The first was a tutorial this morning by Mentor Graphics luminary Martin Keim on using scan diagnosis for failure analysis. Dr. Keim says the tutorial is both an introduction to diagnosis -- describing what diagnosis actually is and what it can do for you, as well as practical advice to FA (failure analysis) folks how to make it work in their environment.
Defects, like death and taxes, are inevitable. Devices will fail because of manufacturing problems like contamination, insufficient doping, and process or mask errors. These problems cause shorts to power/ground, slow transistors, CMOS stuck-on/opens, and the like.
Faults are abstractions of physical defect behavior and can be represented as fault models in software and measured. Diagnosis tools (for example, ATPG) find faults; failure analysis tools finds defects. These two things work together. A diagnosis tool needs all the inputs and outputs of ATPG from the DFT engineers, and a datalog of failing devices from the test engineers. Okay, say you’ve got that managed and you run a diagnosis on a set of failed devices. The next thing to consider is the quality of the diagnosis results, and that depends in large part on the diagnosis tool you use. In particular, the tool should be layout-aware, as opposed to logic-only diagnosis. For details, you can download a whitepaper by Dr. Keim, Layout Aware Diagnosis. And for an industry case study perspective, look at the results of a diagnosis study between UMC, AMC, and Mentor in this paper available for a small cost through EDFAS.
For more views on test and diagnosis, you can attend a session of four papers (session 23) at a more reasonable hour on Thursday (3:25p-5:50p). The papers in this session address specific topics such as:
- Using diagnosis for failure localization and root cause analysis
- Leveraging test and characterization results in FA
- Linking design-for-test and CAD navigation
- Advances in diagnosis technology
- FA-optimized test and test equipment
- Industrial practices and new technologies
Troubleshooting how and why systems and circuits fail is important and is rapidly growing in industry significance.
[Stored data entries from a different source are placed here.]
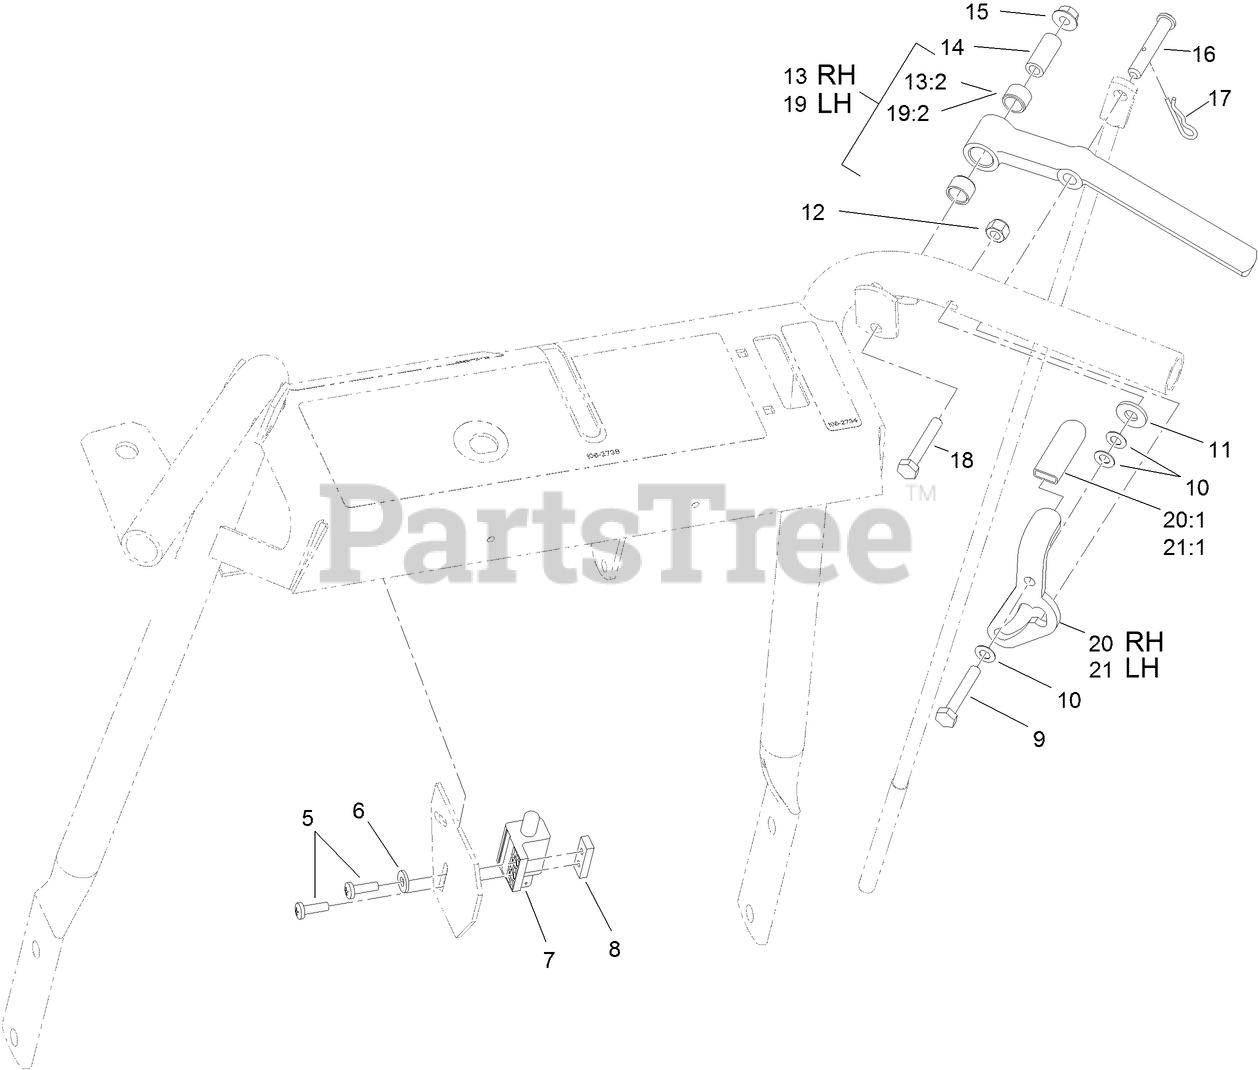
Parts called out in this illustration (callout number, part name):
5	SCREW-PPH
6	WASHER-FLAT
7	SWITCH-OPEN, NORMALLY
8	PLATE-TAPPED
9	SCREW-HH
10	WASHER-SPRING
11	WASHER-FLAT
12	NUT-LOCK, NI
13	RH Drive Lever ASM
13:2	BUSHING-SLEEVE
14	Bushing-Lever, Drive
15	NUT-HF
16	Pin-Clevis
17	PIN-COTTER
18	SCREW-HH
19	LH Drive Lever ASM
19:2	BUSHING-SLEEVE
20	RH LATCH and GRIP ASM
20:1	GRIP-LATCH
21	LH LATCH GRIP ASM
21:1	GRIP-LATCH

Debug and diagnosis may be needed for yield improvement, process monitoring, correcting the design function, failure-mode learning for R&D, or just getting a working first prototype. As you might imaging, this detective work is very tricky. Sources of difficulty include circuit and system complexity, packaging, limited physical access, shortened product creation cycle and time-to-market. These two ISTFA sessions are great sources of information on the new, efficient solutions for debug and diagnosis that have a much needed and highly visible impact on productivity.